= Wendy Chapman =

Australian politician

Wendy Jennifer Chapman (born 3 June 1942) is a former Australian politician. She served on the Adelaide City Council as an alderwoman between 1981 and 1983 before becoming the first woman Lord Mayor of Adelaide in 1983. Chapman held her mayoral position until her defeat in the 1985 Adelaide mayoral election by Jim Jarvis. The following year, Chapman became a Member of the Order of Australia at the 1986 Queen's Birthday Honours. After her mayoral career, Chapman was a property developer with her husband during the mid 1980s and was involved in the Hindmarsh Island bridge controversy in the 1990s.

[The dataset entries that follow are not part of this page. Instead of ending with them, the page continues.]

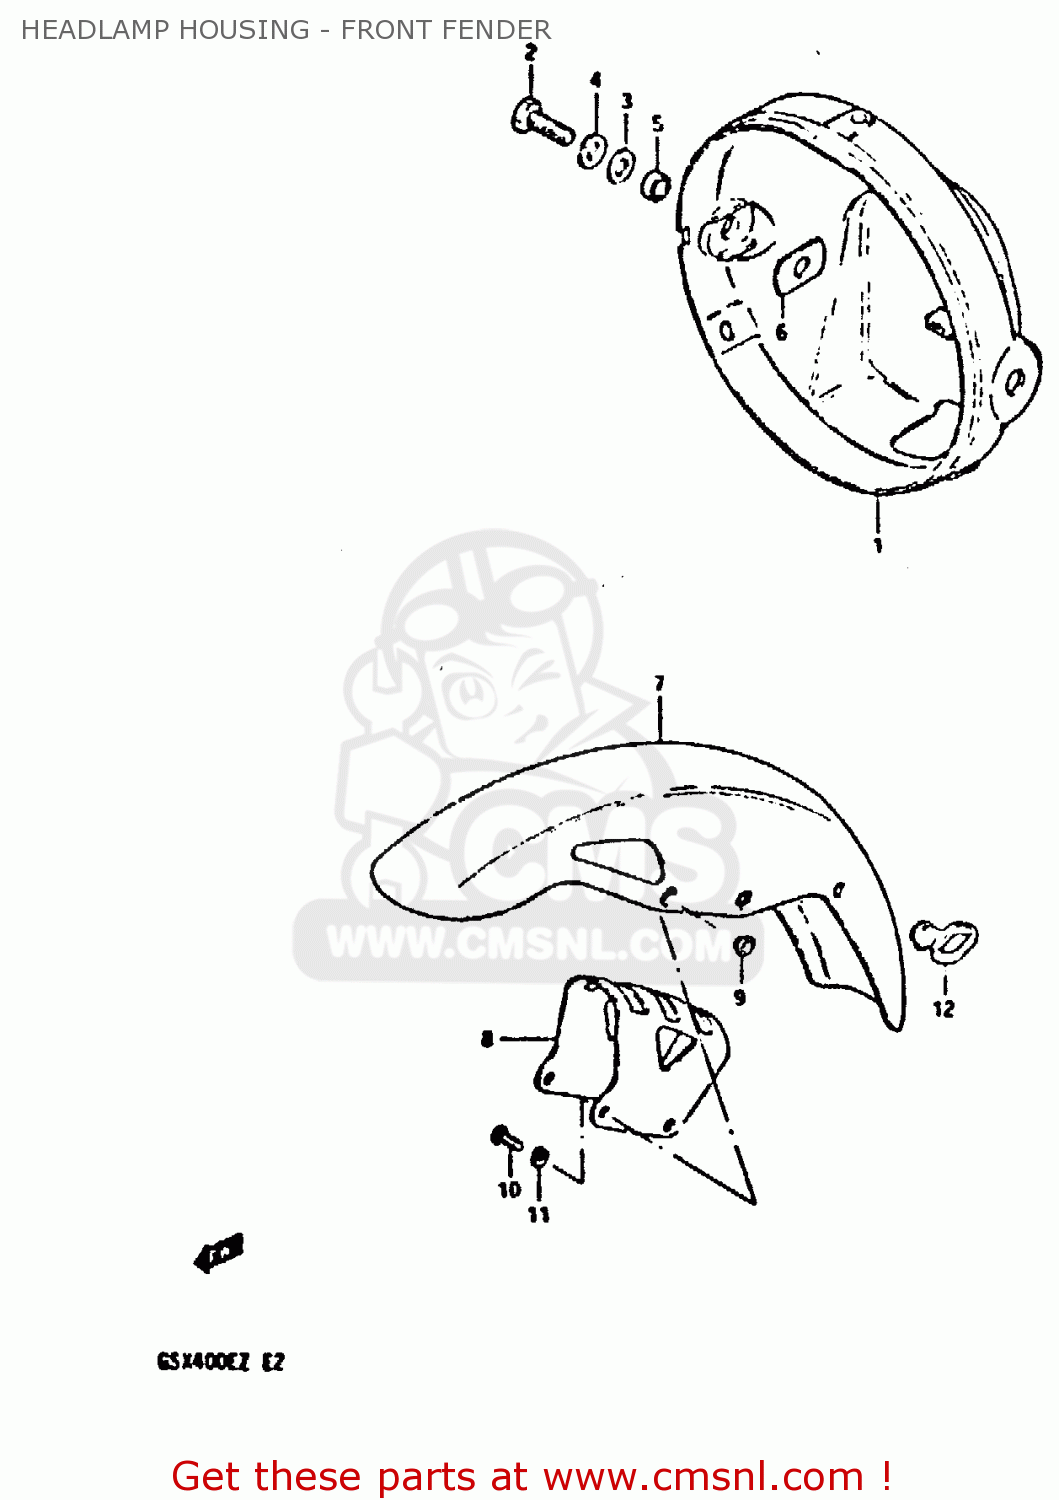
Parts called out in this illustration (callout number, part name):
1	HOUSING,HEADLAMP
2	BOLT
3	WASHER
4	LOCK WASHER
5	SPACER (8.8X12X7)
6	CUSHION
7	FENDER, FRONT
8	BRACE,FRONT FENDER
9	WASHER
10	BOLT
11	LOCK WASHER
12	GUIDE,CABLE
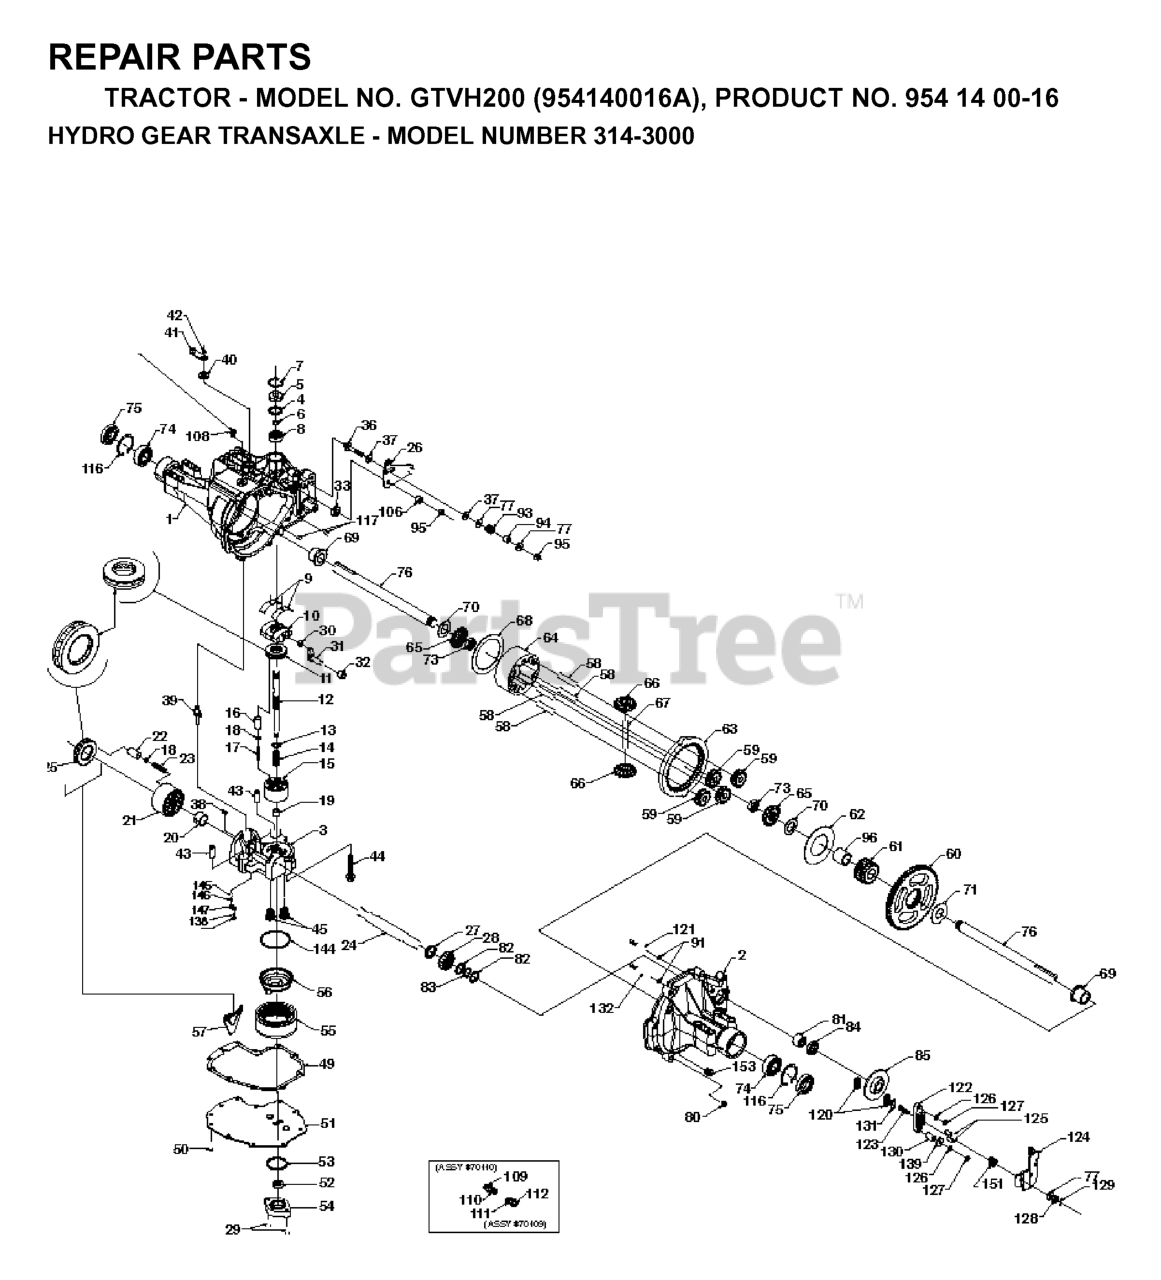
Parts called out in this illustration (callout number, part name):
1	GRIP, CLUTCH
2	SPRING
3	CLUTCH CONTROL KIT HUS
4	HANDLE WITH GRIPS
5	HANDLE, CONTROL, REAR WHEEL
6	CLUTCH CABLE
7	GRIPS, PAIR, 1" ID, BLACK
8	BOLT KIT CLUTCH CONTROL
9	CABLE KIT, CLUTCH
10	PIN KIT, REAR WHEEL
11	CONTROL ROD KIT HV
12	FASTENER KIT, HANDLE
13	THROTTLE CABLE KIT
14	THROTTLE CABLE
540007405	CLUTCH THROTTLE CONTROL HV
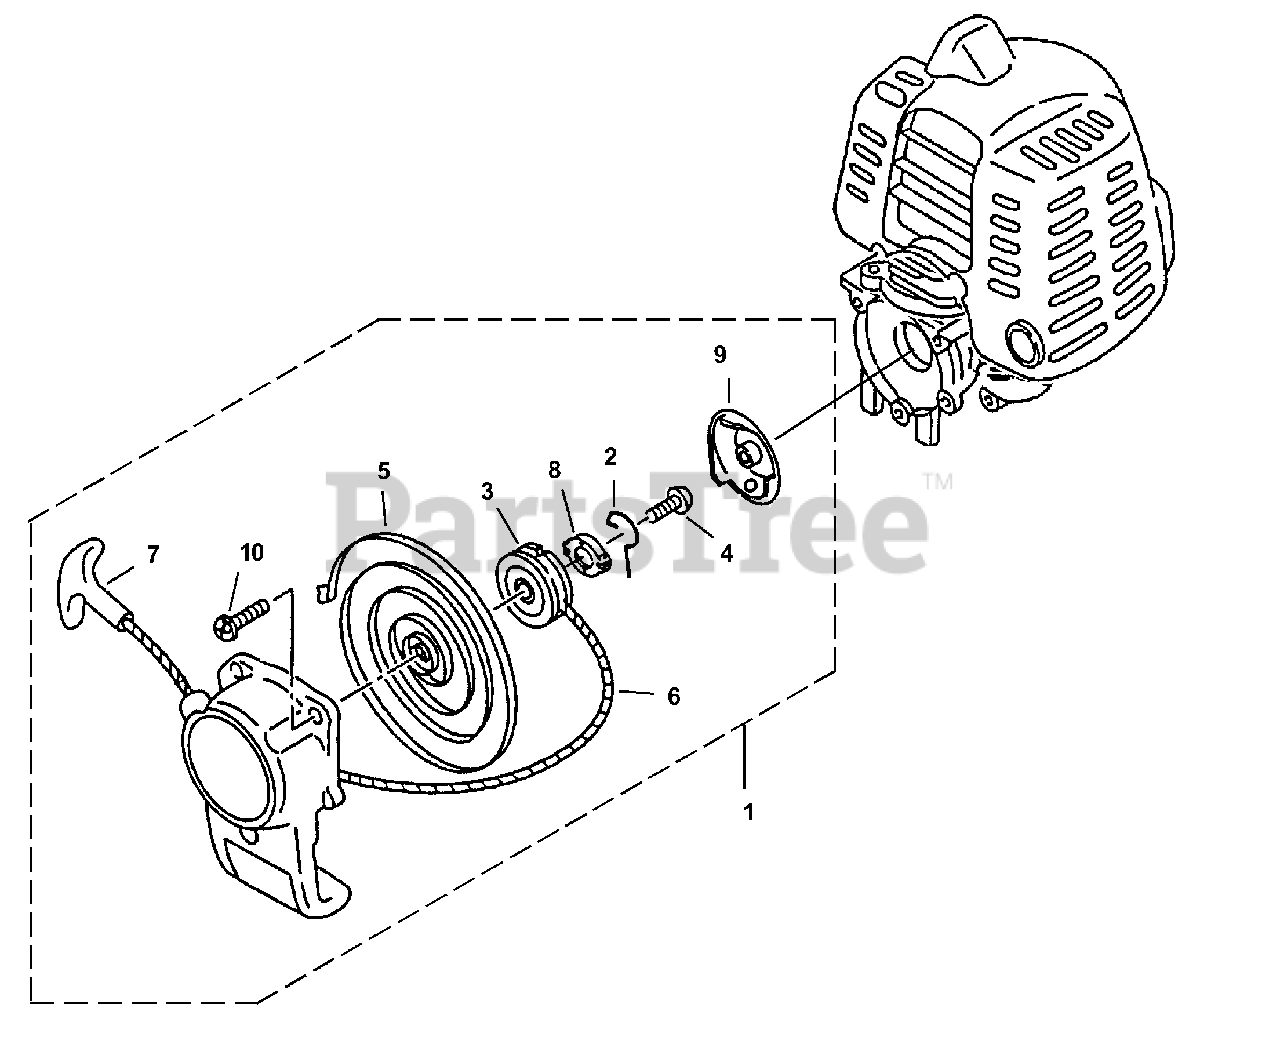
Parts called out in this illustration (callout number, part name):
1	STARTER COMPLETE
2	SWING ARM
4	SCREW-Set
5	SPRING-Return
6	ROPE-Starter
9	STARTER CUP
10	SCREW ASSEMBLY (M4 x 25)
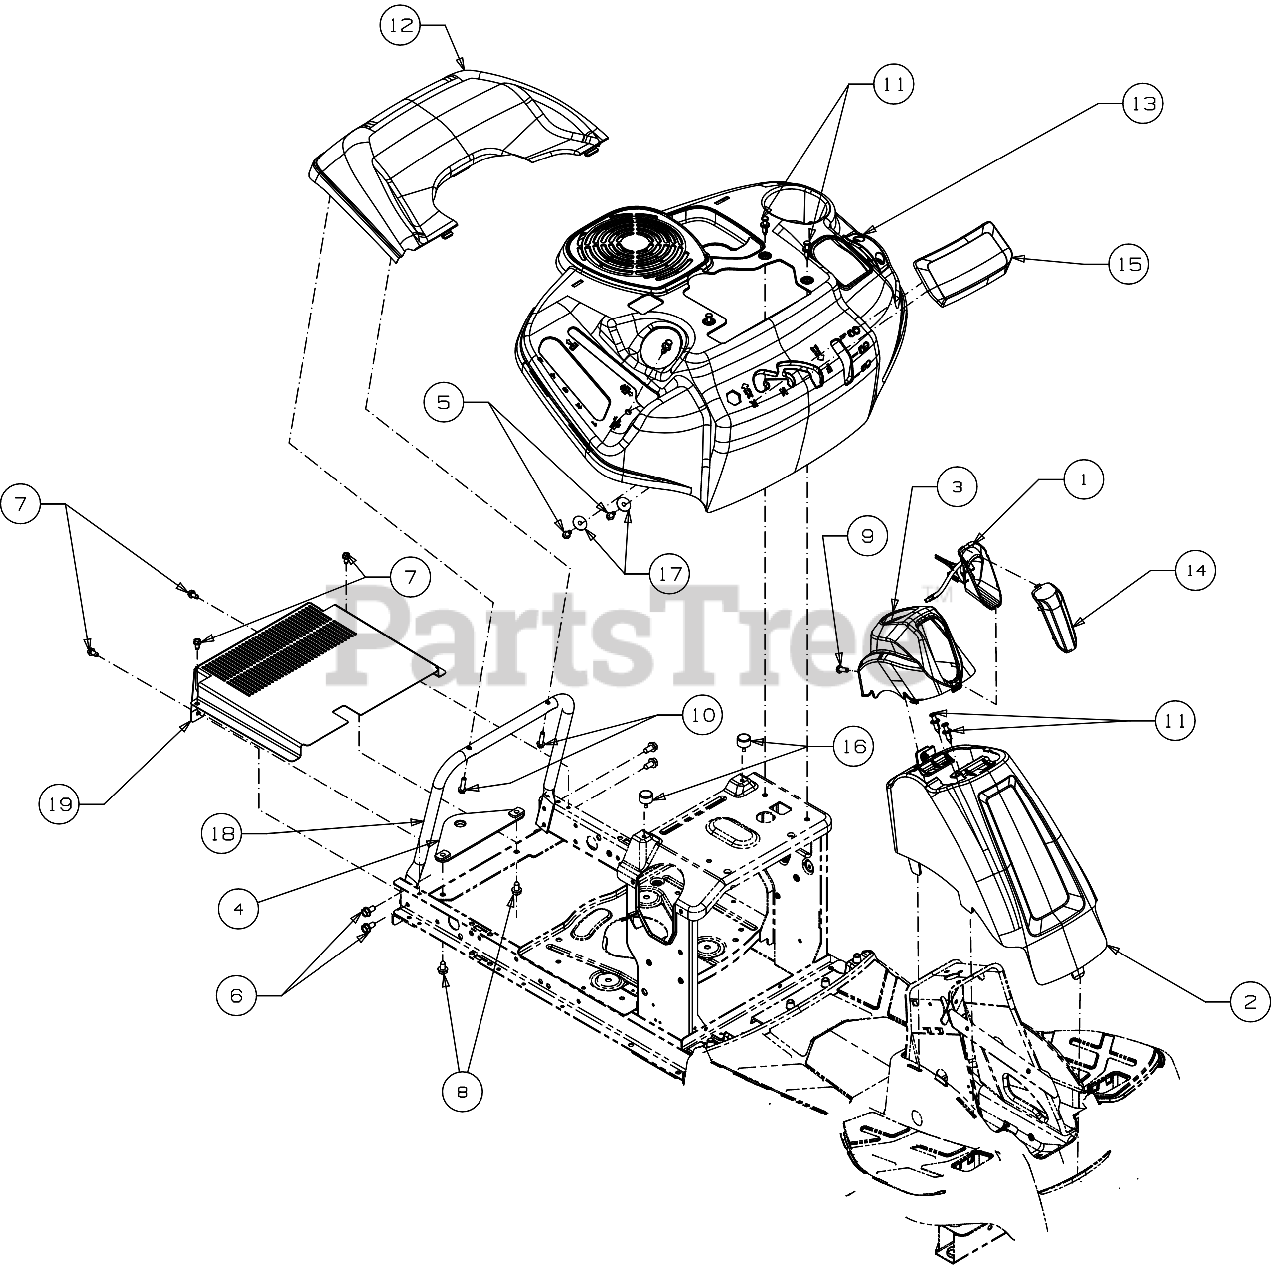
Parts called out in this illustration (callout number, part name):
1	LED HEADLIGHT HARNESS ASSEMBLY
2	COLUMN COVER ASSEMBLY (MTD RED)
3	STEERING COLUMN CAP (MTD RED)
5	HEX SCREW 1/4-15 x .50
6	SCREW 5/16-18 x .750
7	SCREW 1/4-20 X.500
8	SCREW 5/16-18 x .625
9	SCREW 1/4-20X.75
10	SCREW 1/4-15 x 1.00
11	PLASTIC RIVET
13	FENDER (MTD RED)
14	LED HEADLIGHT LENS
15	FENDER COVER
16	BUMPER .62 DIA x .50
17	FLAT WASHER
19	HYDRO COVER HEAT SHIELD
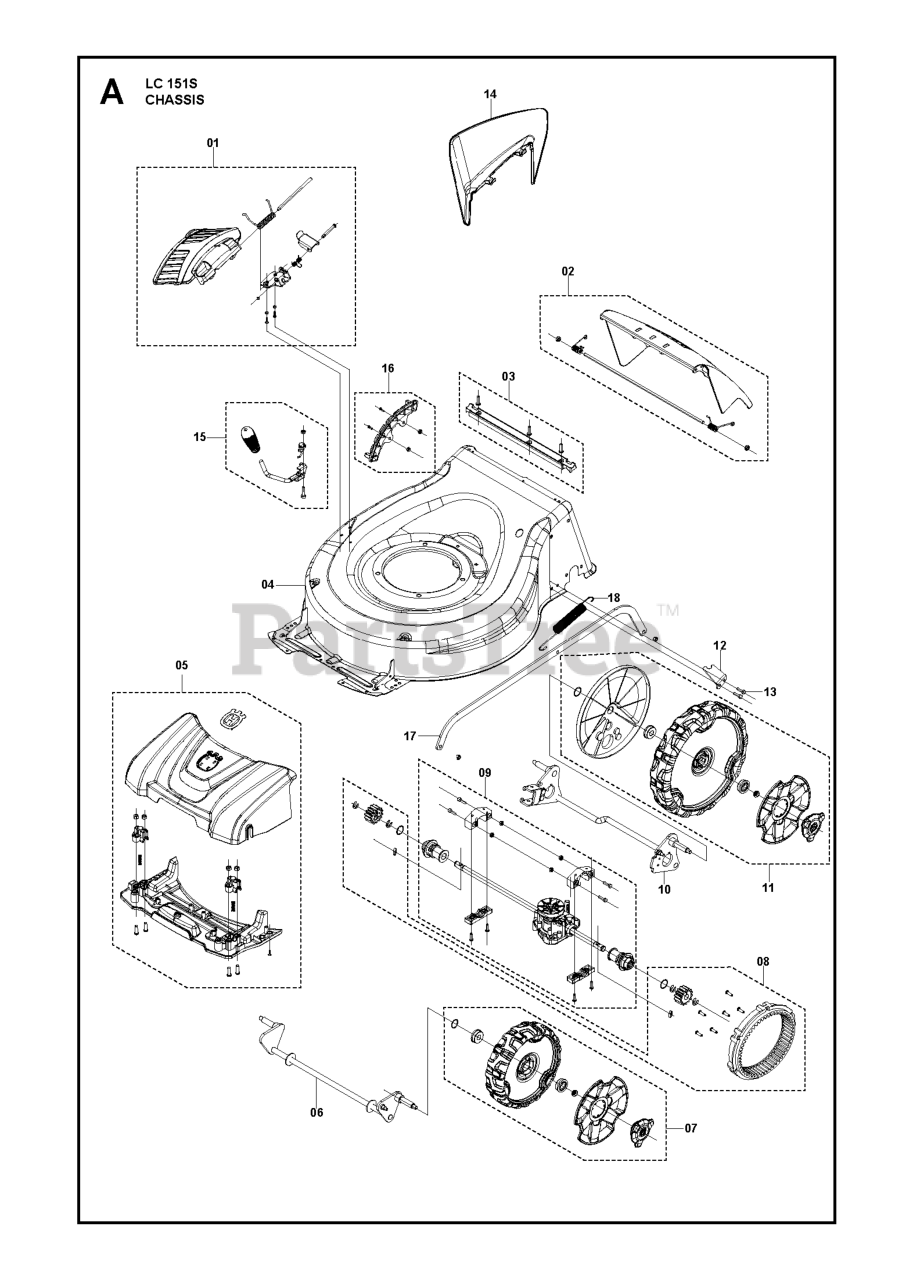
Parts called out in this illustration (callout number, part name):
3	Seals
7	Wheels
9	Transmissions
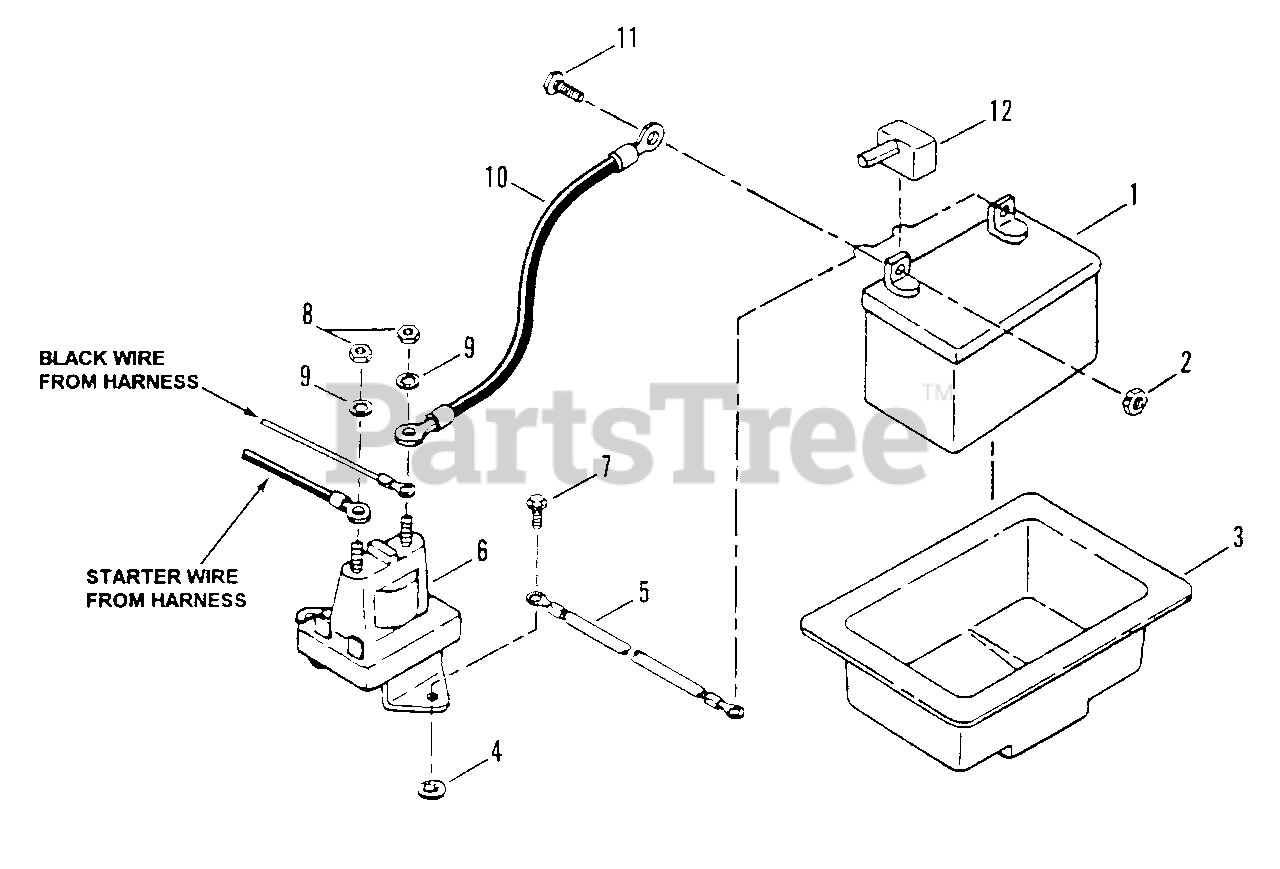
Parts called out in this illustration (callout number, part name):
1	KIT, Battery
2	NUT, 1/4-20 Hex Center Lock
3	TRAY, Battery
4	RETAINER, Screw
5	CABLE, Ground (Black)
6	SOLENOID
7	SCREW, 1/4-20 x 1/2" Self-Tapping
8	NUT, 1/4-20 Hex Jam
9	WASHER, 1/4 Internal Tooth Lock
10	CABLE, Positive (Red)
11	SCREW, 1/4-20 x 5/8 Hex Head Cap
12	COVER, Positive Terminal

==Early life and education==
Chapman was born on 3 June 1942. For her education, Chapman attended a Presbyterian school before going to The Queen Elizabeth Hospital in South Australia.

==Career==
Chapman began her political career as an alderwoman for the Adelaide City Council between 1981 and 1983. In October 1983, Chapman became the first woman ever to be elected as the Lord Mayor of Adelaide. After holding her position for two years, Chapman ran for mayoral re-election in 1985 but was defeated by Jim Jarvis. After her mayoral career, Chapman and her husband were development planners for a proposed marina at Hindmarsh Island in the mid 1980s. Years later, the Chapmans were part of the Hindmarsh Island bridge controversy when objections to a connecting bridge from Hindmarsh to Goolwa were brought up by the Ngarrindjeri people in the 1990s.

==Awards and honors==
Chapman was named a Member of the Order of Australia at the 1986 Queen's Birthday Honours.

==Personal life==
Chapman is married to Tom and has four children.